Nov. 28 (Bloomberg) -- The Techint Group agreed to pay 5.03 billion reais ($2.7 billion) for a 27.7 percent voting stake in Brazil’s Usinas Siderurgicas de Minas Gerais SA to boost access to the largest market for steel in Latin America.
Techint, through its Ternium SA and Tenaris SA units, will buy 139.7 million ordinary shares at 36 reais apiece in the company from Camargo Correa SA, Grupo Votorantim and Usiminas’s workers pension fund, Ternium said in a statement late yesterday. That’s a 58 percent premium over the 20-day moving average for voting shares of Brazil’s second-largest steelmaker through Nov. 25, according to data compiled by Bloomberg.
Ternium’s American depositary receipts dropped 17 percent to $16.03 at the close in New York. Usiminas voting shares fell 3.6 percent to 19.00 reais in Sao Paulo, the worst performer in Brazil’s benchmark Bovespa Index today, while the company’s preferred shares, the most traded type of stock, rose 2.8 percent.
The deal will give Ternium, the second-largest steelmaker in Latin America and Tenaris, the world’s biggest maker of seamless pipes, greater access to the Brazilian market for flat steel used in cars and home appliances. They join Nippon Steel Corp. in the controlling group, thwarting takeover efforts by rival Cia. Siderurgica Nacional SA, or CSN, HSBC Holdings equity analyst Jonathan Brandt said.
CSN’s holdings of Usiminas are now “somewhat of an overhang as neither Nippon Steel nor Ternium need to buy this stake as they already have control,” Brandt, based in New York, wrote in a note to customers today.
CSN Chief Executive Officer Benjamin Steinbruch held talks with Camargo and Votorantim to buy their voting stock for 40 reais each, two people familiar with the negotiations told Bloomberg News in September. CSN more than doubled its voting stake in Usiminas this year to 11.66 percent as of Nov. 18 and quadrupled its preferred-stock holdings to 20.14 percent.
Nippon Steel, Ternium, Tenaris and the employees’ pension fund will now own a combined 63.9 percent of voting shares, Usiminas said in a regulatory filing today. Nippon Steel, which previously shared control of the steelmaker with Camargo and Votorantim and separately agreed to buy 8.5 million shares, will hold 29.5 percent of the voting stock, while the pension fund will hold 6.8 percent, Usiminas said in the filing.
“With Nippon Steel, Usiminas and Ternium working together we will be able to enhance each company’s competitiveness in technology, quality and cost efficiency and to offer a wider product range,” Ternium said in the statement.

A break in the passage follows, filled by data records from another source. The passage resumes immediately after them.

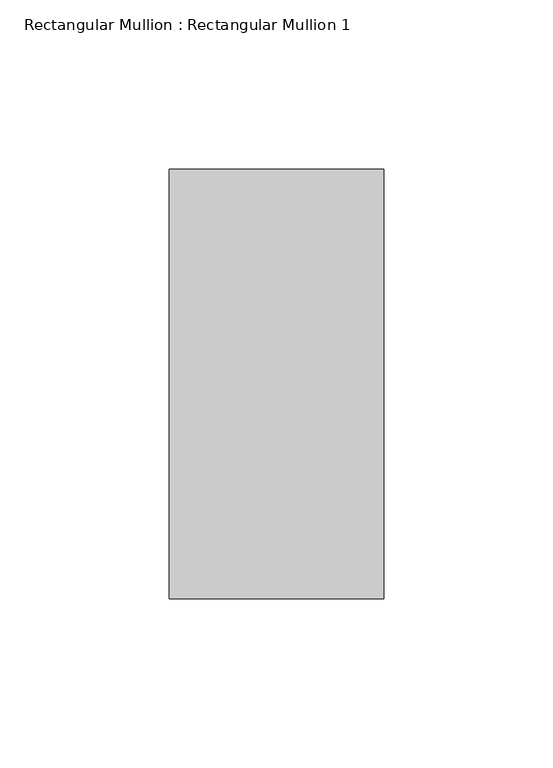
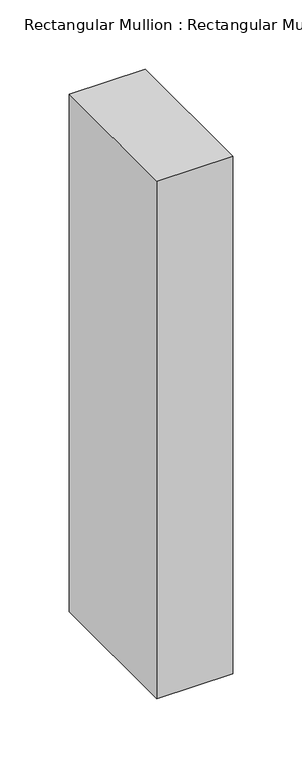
"""IFC4 building model written with IfcOpenShell, lengths in millimetres: member geometry, Rectangular Mullion : Rectangular Mullion 1."""

from ifc_helpers import new_model, si_unit, frame, origin, place, context, project, spatial, polyline, outline, extrude, source, transform, mapped, element, save


def rectangular_mullion_rectangular_mullion_1_1da01dff(model_context):
    return source(origin(), model_context, "Body", "SweptSolid", [
        extrude(outline(polyline([(31.75, 63.5), (31.75, -63.5), (-31.75, -63.5), (-31.75, 63.5), (31.75, 63.5)])), frame((0.0, 0.0, -457.1999997), z_axis=(0.0, 0.0, 1.0), x_axis=(1.0, 0.0, 0.0)), (0.0, 0.0, 1.0), 457.1999997),
    ])


if __name__ == "__main__":
    model = new_model("IFC4")
    model_context = context("Model", 3, world=origin())
    ifc_project = project(units=[si_unit("LENGTHUNIT", "METRE", prefix="MILLI")], contexts=[model_context])
    site = spatial("IfcSite", under=ifc_project)
    building = spatial("IfcBuilding", under=site)
    placement = place(None, origin())
    rectangular_mullion_rectangular_mullion_1_shape = rectangular_mullion_rectangular_mullion_1_1da01dff(model_context)
    element("IfcMember", 1, ObjectType="Rectangular Mullion : Rectangular Mullion 1", at=placement, inside=building, context=model_context, shape_type="MappedRepresentation", body=[
        mapped(rectangular_mullion_rectangular_mullion_1_shape, transform((0.0, 0.0, 0.0), x_axis=(1.0, 0.0, 0.0), y_axis=(0.0, 1.0, 0.0), z_axis=(0.0, 0.0, 1.0))),
    ])
    save(model, "model.ifc")
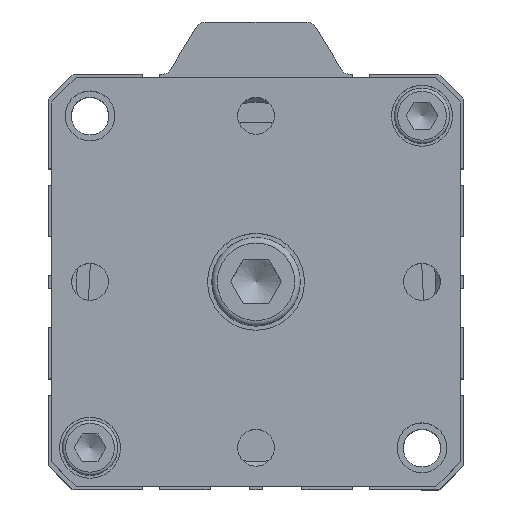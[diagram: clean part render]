
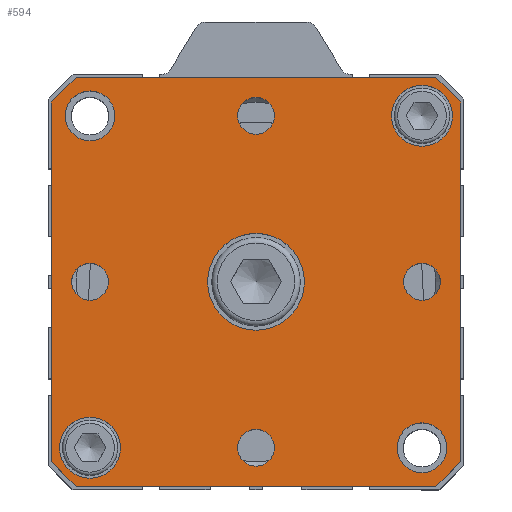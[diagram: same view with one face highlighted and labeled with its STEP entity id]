
A CAD part, top view. The second image highlights one B-rep face of the part: STEP entity #594.
In plain terms, the highlighted planar face has unit normal (0, 0, 1).
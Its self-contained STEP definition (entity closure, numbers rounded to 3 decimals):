
#196=CARTESIAN_POINT('',(32.859,35.684,75.5));
#197=VERTEX_POINT('',#196);
#198=CARTESIAN_POINT('',(37.359,31.184,75.5));
#199=VERTEX_POINT('',#198);
#200=CARTESIAN_POINT('',(32.859,35.684,75.5));
#201=DIRECTION('',(0.707,-0.707,0.0));
#202=VECTOR('',#201,6.364);
#203=LINE('',#200,#202);
#204=EDGE_CURVE('',#197,#199,#203,.T.);
#383=CARTESIAN_POINT('',(37.359,-33.816,75.5));
#384=VERTEX_POINT('',#383);
#385=CARTESIAN_POINT('',(37.359,31.184,75.5));
#386=DIRECTION('',(0.0,-1.0,0.0));
#387=VECTOR('',#386,65.);
#388=LINE('',#385,#387);
#389=EDGE_CURVE('',#199,#384,#388,.T.);
#406=CARTESIAN_POINT('',(32.859,-38.316,75.5));
#407=VERTEX_POINT('',#406);
#408=CARTESIAN_POINT('',(37.359,-33.816,75.5));
#409=DIRECTION('',(-0.707,-0.707,0.0));
#410=VECTOR('',#409,6.364);
#411=LINE('',#408,#410);
#412=EDGE_CURVE('',#384,#407,#411,.T.);
#430=CARTESIAN_POINT('',(-36.641,31.184,75.5));
#431=VERTEX_POINT('',#430);
#432=CARTESIAN_POINT('',(-32.141,35.684,75.5));
#433=VERTEX_POINT('',#432);
#434=CARTESIAN_POINT('',(-36.641,31.184,75.5));
#435=DIRECTION('',(0.707,0.707,0.0));
#436=VECTOR('',#435,6.364);
#437=LINE('',#434,#436);
#438=EDGE_CURVE('',#431,#433,#437,.T.);
#456=CARTESIAN_POINT('',(0.359,-1.316,75.5));
#457=DIRECTION('',(0.0,0.0,1.0));
#458=DIRECTION('',(1.0,0.0,0.0));
#459=AXIS2_PLACEMENT_3D('',#456,#457,#458);
#460=PLANE('',#459);
#461=ORIENTED_EDGE('',*,*,#204,.F.);
#462=CARTESIAN_POINT('',(-32.141,35.684,75.5));
#463=DIRECTION('',(1.0,0.0,0.0));
#464=VECTOR('',#463,65.0);
#465=LINE('',#462,#464);
#466=EDGE_CURVE('',#433,#197,#465,.T.);
#467=ORIENTED_EDGE('',*,*,#466,.F.);
#468=ORIENTED_EDGE('',*,*,#438,.F.);
#469=CARTESIAN_POINT('',(-36.641,-33.816,75.5));
#470=VERTEX_POINT('',#469);
#471=CARTESIAN_POINT('',(-36.641,-33.816,75.5));
#472=DIRECTION('',(0.0,1.0,0.0));
#473=VECTOR('',#472,65.0);
#474=LINE('',#471,#473);
#475=EDGE_CURVE('',#470,#431,#474,.T.);
#476=ORIENTED_EDGE('',*,*,#475,.F.);
#477=CARTESIAN_POINT('',(-32.141,-38.316,75.5));
#478=VERTEX_POINT('',#477);
#479=CARTESIAN_POINT('',(-32.141,-38.316,75.5));
#480=DIRECTION('',(-0.707,0.707,0.0));
#481=VECTOR('',#480,6.364);
#482=LINE('',#479,#481);
#483=EDGE_CURVE('',#478,#470,#482,.T.);
#484=ORIENTED_EDGE('',*,*,#483,.F.);
#485=CARTESIAN_POINT('',(32.859,-38.316,75.5));
#486=DIRECTION('',(-1.0,0.0,0.0));
#487=VECTOR('',#486,65.0);
#488=LINE('',#485,#487);
#489=EDGE_CURVE('',#407,#478,#488,.T.);
#490=ORIENTED_EDGE('',*,*,#489,.F.);
#491=ORIENTED_EDGE('',*,*,#412,.F.);
#492=ORIENTED_EDGE('',*,*,#389,.F.);
#493=EDGE_LOOP('',(#461,#467,#468,#476,#484,#490,#491,#492));
#494=FACE_OUTER_BOUND('',#493,.T.);
#495=CARTESIAN_POINT('',(9.109,-1.316,75.5));
#496=VERTEX_POINT('',#495);
#497=CARTESIAN_POINT('',(0.359,-1.316,75.5));
#498=DIRECTION('',(0.0,0.0,-1.0));
#499=DIRECTION('',(1.0,0.0,0.0));
#500=AXIS2_PLACEMENT_3D('',#497,#498,#499);
#501=CIRCLE('',#500,8.75);
#502=EDGE_CURVE('',#496,#496,#501,.T.);
#503=ORIENTED_EDGE('',*,*,#502,.T.);
#504=EDGE_LOOP('',(#503));
#505=FACE_BOUND('',#504,.T.);
#506=CARTESIAN_POINT('',(-24.141,-31.316,75.5));
#507=VERTEX_POINT('',#506);
#508=CARTESIAN_POINT('',(-29.641,-31.316,75.5));
#509=DIRECTION('',(0.0,0.0,-1.0));
#510=DIRECTION('',(1.0,0.0,0.0));
#511=AXIS2_PLACEMENT_3D('',#508,#509,#510);
#512=CIRCLE('',#511,5.5);
#513=EDGE_CURVE('',#507,#507,#512,.T.);
#514=ORIENTED_EDGE('',*,*,#513,.T.);
#515=EDGE_LOOP('',(#514));
#516=FACE_BOUND('',#515,.T.);
#517=CARTESIAN_POINT('',(35.859,28.684,75.5));
#518=VERTEX_POINT('',#517);
#519=CARTESIAN_POINT('',(30.359,28.684,75.5));
#520=DIRECTION('',(0.0,0.0,-1.0));
#521=DIRECTION('',(1.0,0.0,0.0));
#522=AXIS2_PLACEMENT_3D('',#519,#520,#521);
#523=CIRCLE('',#522,5.5);
#524=EDGE_CURVE('',#518,#518,#523,.T.);
#525=ORIENTED_EDGE('',*,*,#524,.T.);
#526=EDGE_LOOP('',(#525));
#527=FACE_BOUND('',#526,.T.);
#528=CARTESIAN_POINT('',(33.682,-1.316,75.5));
#529=VERTEX_POINT('',#528);
#530=CARTESIAN_POINT('',(30.359,-1.316,75.5));
#531=DIRECTION('',(0.0,0.0,-1.0));
#532=DIRECTION('',(1.0,0.0,0.0));
#533=AXIS2_PLACEMENT_3D('',#530,#531,#532);
#534=CIRCLE('',#533,3.324);
#535=EDGE_CURVE('',#529,#529,#534,.T.);
#536=ORIENTED_EDGE('',*,*,#535,.T.);
#537=EDGE_LOOP('',(#536));
#538=FACE_BOUND('',#537,.T.);
#539=CARTESIAN_POINT('',(3.682,-31.316,75.5));
#540=VERTEX_POINT('',#539);
#541=CARTESIAN_POINT('',(0.359,-31.316,75.5));
#542=DIRECTION('',(0.0,0.0,-1.0));
#543=DIRECTION('',(1.0,0.0,0.0));
#544=AXIS2_PLACEMENT_3D('',#541,#542,#543);
#545=CIRCLE('',#544,3.324);
#546=EDGE_CURVE('',#540,#540,#545,.T.);
#547=ORIENTED_EDGE('',*,*,#546,.T.);
#548=EDGE_LOOP('',(#547));
#549=FACE_BOUND('',#548,.T.);
#550=CARTESIAN_POINT('',(-26.318,-1.316,75.5));
#551=VERTEX_POINT('',#550);
#552=CARTESIAN_POINT('',(-29.641,-1.316,75.5));
#553=DIRECTION('',(0.0,0.0,-1.0));
#554=DIRECTION('',(1.0,0.0,0.0));
#555=AXIS2_PLACEMENT_3D('',#552,#553,#554);
#556=CIRCLE('',#555,3.324);
#557=EDGE_CURVE('',#551,#551,#556,.T.);
#558=ORIENTED_EDGE('',*,*,#557,.T.);
#559=EDGE_LOOP('',(#558));
#560=FACE_BOUND('',#559,.T.);
#561=CARTESIAN_POINT('',(3.682,28.684,75.5));
#562=VERTEX_POINT('',#561);
#563=CARTESIAN_POINT('',(0.359,28.684,75.5));
#564=DIRECTION('',(0.0,0.0,-1.0));
#565=DIRECTION('',(1.0,0.0,0.0));
#566=AXIS2_PLACEMENT_3D('',#563,#564,#565);
#567=CIRCLE('',#566,3.324);
#568=EDGE_CURVE('',#562,#562,#567,.T.);
#569=ORIENTED_EDGE('',*,*,#568,.T.);
#570=EDGE_LOOP('',(#569));
#571=FACE_BOUND('',#570,.T.);
#572=CARTESIAN_POINT('',(34.859,-31.316,75.5));
#573=VERTEX_POINT('',#572);
#574=CARTESIAN_POINT('',(30.359,-31.316,75.5));
#575=DIRECTION('',(0.0,0.0,-1.0));
#576=DIRECTION('',(-1.0,0.0,0.0));
#577=AXIS2_PLACEMENT_3D('',#574,#575,#576);
#578=CIRCLE('',#577,4.5);
#579=EDGE_CURVE('',#573,#573,#578,.T.);
#580=ORIENTED_EDGE('',*,*,#579,.T.);
#581=EDGE_LOOP('',(#580));
#582=FACE_BOUND('',#581,.T.);
#583=CARTESIAN_POINT('',(-25.141,28.684,75.5));
#584=VERTEX_POINT('',#583);
#585=CARTESIAN_POINT('',(-29.641,28.684,75.5));
#586=DIRECTION('',(0.0,0.0,-1.0));
#587=DIRECTION('',(-1.0,0.0,0.0));
#588=AXIS2_PLACEMENT_3D('',#585,#586,#587);
#589=CIRCLE('',#588,4.5);
#590=EDGE_CURVE('',#584,#584,#589,.T.);
#591=ORIENTED_EDGE('',*,*,#590,.T.);
#592=EDGE_LOOP('',(#591));
#593=FACE_BOUND('',#592,.T.);
#594=ADVANCED_FACE('',(#494,#505,#516,#527,#538,#549,#560,#571,#582,#593),#460,.T.);

Most decisions of the controlling block will have to be approved by a 65 percent majority after an investor’s agreement was amended, Ternium said. Ternium and Tenaris will finance the purchase with cash on hand and debt, according to the statement.
“The business environment surrounding Usiminas continues to be challenging due to the rising prices of raw materials, intense competition among steel companies in the global market and continued appreciation of the Brazilian real,” Usiminas said in the regulatory filing. Company officials declined to comment further.
Usiminas, based in Belo Horizonte in Brazil, was established in 1958 after the country agreed to create a joint venture with Japan. Japanese investors took then a 40 percent stake in the steelmaker, according to Nippon Steel’s website.
Selling the Usiminas stake is part of Votorantim’s strategy to focus on its “core” businesses such as cement, metals, long steel, pulp and orange juice, Votorantim said in a statement distributed by an external public relations firm in Brazil. Camargo Correa said in a separate statement on its website that it will focus on the infrastructure industry after a “strategic reorientation” prompted the stake sale.
Techint is controlled by the Italian-Argentine Rocca family through Luxembourg-based holding company San Faustin NV and both Ternium and Tenaris have their headquarters in Buenos Aires. Paolo Rocca is chairman of both Ternium and Tenaris while his brother Gianfelice chairs San Faustin.